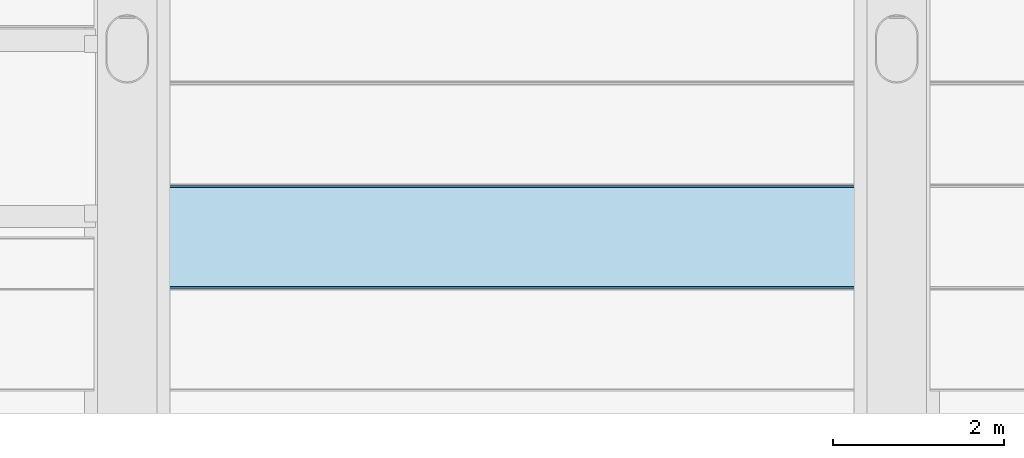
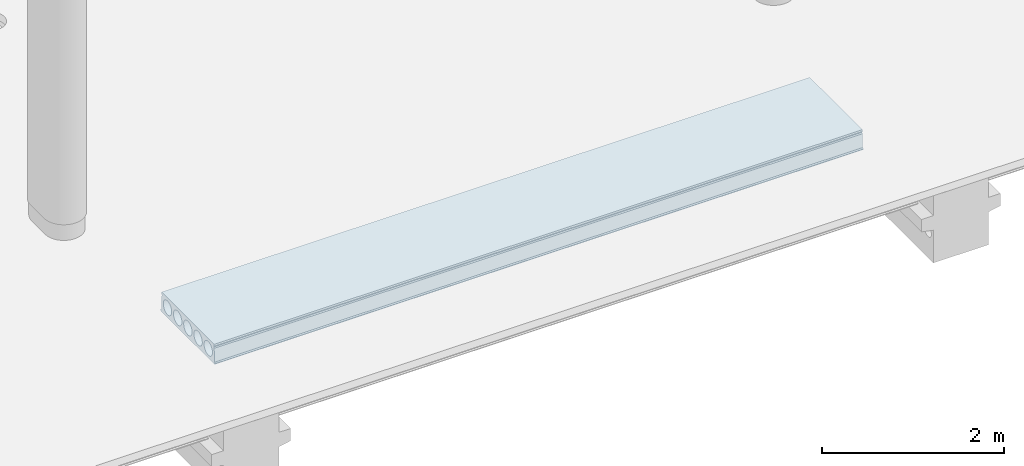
# One storey, part 9 of 34: 1 slab.
"""IFC2X3 building model written with IfcOpenShell, lengths in millimetres."""

import ifcopenshell
import ifcopenshell.guid

model = None  # the IFC model being written
_history = None  # IfcOwnerHistory: only IFC2X3 demands one
_inside = {}  # id of a spatial element -> (the spatial element, [elements in it])
_under = {}  # id of a project, library or spatial element -> (it, [spatial elements below it])
_declared = {}  # id of a project -> (the project, [libraries it declares])
_typed = {}  # id of a type object -> (the type object, [elements of that type])
_made_of = {}  # id of a material, layer set ... -> (it, [elements and type objects made of it])


def new_model(schema):
    """Start an empty IFC model of exactly this schema.

    Asked for "IFC4X3", IfcOpenShell would pick the latest addendum, in which some entities
    have other attributes; the version numbers below select the first issue.
    IFC2X3 requires an IfcOwnerHistory on every rooted entity: one is made here for all.
    """
    global model, _history
    if schema == "IFC4X3":
        model = ifcopenshell.file(schema_version=(4, 3, 0, 0))
    else:
        model = ifcopenshell.file(schema=schema)
    _inside.clear()
    _under.clear()
    _declared.clear()
    _typed.clear()
    _made_of.clear()
    _history = None
    if model.schema == "IFC2X3":
        org = make("IfcOrganization", Name="unknown")
        user = make(
            "IfcPersonAndOrganization",
            ThePerson=make("IfcPerson", FamilyName="unknown"),
            TheOrganization=org,
        )
        app = make(
            "IfcApplication",
            ApplicationDeveloper=org,
            Version="unknown",
            ApplicationFullName="unknown",
            ApplicationIdentifier="unknown",
        )
        _history = make(
            "IfcOwnerHistory",
            OwningUser=user,
            OwningApplication=app,
            ChangeAction="ADDED",
            CreationDate=0,
        )
    return model


def make(cls, **values):
    """One entity of the class cls with the attributes given. An attribute that is None is left unset."""
    return model.create_entity(
        cls, **{name: value for name, value in values.items() if value is not None}
    )


def entity(cls, *values):
    """Any entity or typed value of the class cls, its attributes in the order of the schema. None: left unset."""
    e = model.create_entity(cls)
    for i, value in enumerate(values):
        if value is not None:
            e[i] = value
    return e


def rooted(cls, **values):
    """An entity with a GlobalId (a new one), such as an element, a storey or a relation."""
    return make(cls, GlobalId=ifcopenshell.guid.new(), OwnerHistory=_history, **values)


def si_unit(unit_type, name, prefix=None):
    """IfcSIUnit, for example si_unit("LENGTHUNIT", "METRE", prefix="MILLI")."""
    return make("IfcSIUnit", UnitType=unit_type, Prefix=prefix, Name=name)


def converted_unit(unit_type, name, factor, base, dimensions=None, offset=None):
    """IfcConversionBasedUnit, such as the inch: factor (a typed value) times the base unit."""
    return make(
        "IfcConversionBasedUnit"
        if offset is None
        else "IfcConversionBasedUnitWithOffset",
        ConversionOffset=offset,
        Dimensions=None
        if dimensions is None
        else entity("IfcDimensionalExponents", *dimensions),
        UnitType=unit_type,
        Name=name,
        ConversionFactor=make(
            "IfcMeasureWithUnit", ValueComponent=factor, UnitComponent=base
        ),
    )


def derived_unit(unit_type, elements):
    """IfcDerivedUnit: a product of units, each with its exponent."""
    return make(
        "IfcDerivedUnit",
        Elements=[
            make("IfcDerivedUnitElement", Unit=unit, Exponent=power)
            for unit, power in elements
        ],
        UnitType=unit_type,
    )


def assignment(units):
    """IfcUnitAssignment: the units of a project."""
    return None if units is None else make("IfcUnitAssignment", Units=units)


def point(xyz):
    """IfcCartesianPoint."""
    return None if xyz is None else make("IfcCartesianPoint", Coordinates=xyz)


def direction(xyz):
    """IfcDirection."""
    return None if xyz is None else make("IfcDirection", DirectionRatios=xyz)


def frame(location, z_axis=None, x_axis=None):
    """IfcAxis2Placement3D, a coordinate frame: its origin and axes. An axis left out is left unset."""
    return make(
        "IfcAxis2Placement3D",
        Location=point(location),
        Axis=direction(z_axis),
        RefDirection=direction(x_axis),
    )


def origin_with_axes():
    """The frame at (0, 0, 0) with the z axis (0, 0, 1) and the x axis (1, 0, 0) written out."""
    return frame((0.0, 0.0, 0.0), z_axis=(0.0, 0.0, 1.0), x_axis=(1.0, 0.0, 0.0))


def place(relative_to, where):
    """IfcLocalPlacement: puts the frame where relative to a parent placement (None: the world)."""
    return make(
        "IfcLocalPlacement", PlacementRelTo=relative_to, RelativePlacement=where
    )


def context(
    kind, dimensions, precision=None, world=None, true_north=None, identifier=None
):
    """IfcGeometricRepresentationContext, for example the 3D "Model" context."""
    return make(
        "IfcGeometricRepresentationContext",
        ContextIdentifier=identifier,
        ContextType=kind,
        CoordinateSpaceDimension=dimensions,
        Precision=precision,
        WorldCoordinateSystem=world,
        TrueNorth=true_north,
    )


def subcontext(parent, identifier, kind, view, scale=None):
    """IfcGeometricRepresentationSubContext, for example "Body" below "Model"."""
    return make(
        "IfcGeometricRepresentationSubContext",
        ContextIdentifier=identifier,
        ContextType=kind,
        ParentContext=parent,
        TargetScale=scale,
        TargetView=view,
    )


def project(units=None, contexts=None):
    """IfcProject with its units and contexts."""
    return rooted(
        "IfcProject",
        Name="project",
        RepresentationContexts=contexts,
        UnitsInContext=assignment(units),
    )


def spatial(cls, under=None, at=None, **own):
    """A site, building, storey or space (cls), placed at a placement, below another one or the project."""
    s = rooted(cls, ObjectPlacement=at, **own)
    if under is not None:
        _under.setdefault(under.id(), (under, []))[1].append(s)
    return s


def polyline(points):
    """IfcPolyline through the points."""
    return make("IfcPolyline", Points=[point(p) for p in points])


def outline(outer, holes=None, kind="AREA"):
    """IfcArbitraryClosedProfileDef: a profile drawn as a closed curve; with holes, ...WithVoids."""
    if holes is None:
        return make("IfcArbitraryClosedProfileDef", ProfileType=kind, OuterCurve=outer)
    return make(
        "IfcArbitraryProfileDefWithVoids",
        ProfileType=kind,
        OuterCurve=outer,
        InnerCurves=holes,
    )


def extrude(swept, where, along, depth):
    """IfcExtrudedAreaSolid: the profile swept, set in the frame where, extruded along a direction by depth."""
    return make(
        "IfcExtrudedAreaSolid",
        SweptArea=swept,
        Position=where,
        ExtrudedDirection=direction(along),
        Depth=depth,
    )


def shape(context_of_items, identifier, shape_type, items):
    """IfcShapeRepresentation: the items that make up one representation, for example the "Body"."""
    return make(
        "IfcShapeRepresentation",
        ContextOfItems=context_of_items,
        RepresentationIdentifier=identifier,
        RepresentationType=shape_type,
        Items=items,
    )


def material(Name=None, Category=None):
    """IfcMaterial."""
    return make("IfcMaterial", Name=Name, Category=Category)


def made_of(thing, what):
    """Note that an element or type object is made of a material, layer set ...; save() writes the relation."""
    if what is not None:
        _made_of.setdefault(what.id(), (what, []))[1].append(thing)
    return thing


def type_object(cls, material=None, **own):
    """A type object (cls), such as IfcWallType, which elements share."""
    return made_of(rooted(cls, **own), material)


def element(
    cls,
    number,
    at=None,
    inside=None,
    cuts=None,
    type_object=None,
    material=None,
    context=None,
    identifier="Body",
    shape_type=None,
    held_by="IfcProductDefinitionShape",
    body=None,
    shapes=None,
    **own,
):
    """One element of the class cls, such as IfcWall. Its Tag is "e" and its number.

    at: its placement. inside: the storey or other place that contains it. cuts: it is an
    opening in that element (IfcRelVoidsElement). A single representation is given by context,
    identifier, shape_type and body (its items); several are given by shapes. held_by: the class
    of the entity that holds the representations. save() writes the other relations.
    """
    e = rooted(cls, Tag="e%d" % number, ObjectPlacement=at, **own)
    if body is not None:
        shapes = [shape(context, identifier, shape_type, body)]
    if shapes is not None:
        e.Representation = make(held_by, Representations=shapes)
    if inside is not None:
        _inside.setdefault(inside.id(), (inside, []))[1].append(e)
    if cuts is not None:
        rooted(
            "IfcRelVoidsElement", RelatingBuildingElement=cuts, RelatedOpeningElement=e
        )
    if type_object is not None:
        _typed.setdefault(type_object.id(), (type_object, []))[1].append(e)
    return made_of(e, material)


def aggregate(whole, parts):
    """IfcRelAggregates: a whole, such as a stair, and the parts it consists of."""
    return rooted("IfcRelAggregates", RelatingObject=whole, RelatedObjects=parts)


def save(model, path):
    """Write the relations noted so far, then the file.

    IfcRelAggregates (storeys below a building ...), IfcRelContainedInSpatialStructure (elements
    in a storey), IfcRelDefinesByType, IfcRelAssociatesMaterial and IfcRelDeclares: one each for
    every whole, place, type object, material and project.
    """
    for whole, parts in _under.values():
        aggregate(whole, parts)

* * *

*TASK BRIEF:* Above are the lines; repeat exactly the ones from the line containing "that an element" down to the line containing "a whole, such", both inclusive.

*YOUR RESPONSE:*
    """Note that an element or type object is made of a material, layer set ...; save() writes the relation."""
    if what is not None:
        _made_of.setdefault(what.id(), (what, []))[1].append(thing)
    return thing


def type_object(cls, material=None, **own):
    """A type object (cls), such as IfcWallType, which elements share."""
    return made_of(rooted(cls, **own), material)


def element(
    cls,
    number,
    at=None,
    inside=None,
    cuts=None,
    type_object=None,
    material=None,
    context=None,
    identifier="Body",
    shape_type=None,
    held_by="IfcProductDefinitionShape",
    body=None,
    shapes=None,
    **own,
):
    """One element of the class cls, such as IfcWall. Its Tag is "e" and its number.

    at: its placement. inside: the storey or other place that contains it. cuts: it is an
    opening in that element (IfcRelVoidsElement). A single representation is given by context,
    identifier, shape_type and body (its items); several are given by shapes. held_by: the class
    of the entity that holds the representations. save() writes the other relations.
    """
    e = rooted(cls, Tag="e%d" % number, ObjectPlacement=at, **own)
    if body is not None:
        shapes = [shape(context, identifier, shape_type, body)]
    if shapes is not None:
        e.Representation = make(held_by, Representations=shapes)
    if inside is not None:
        _inside.setdefault(inside.id(), (inside, []))[1].append(e)
    if cuts is not None:
        rooted(
            "IfcRelVoidsElement", RelatingBuildingElement=cuts, RelatedOpeningElement=e
        )
    if type_object is not None:
        _typed.setdefault(type_object.id(), (type_object, []))[1].append(e)
    return made_of(e, material)


def aggregate(whole, parts):
    """IfcRelAggregates: a whole, such as a stair, and the parts it consists of."""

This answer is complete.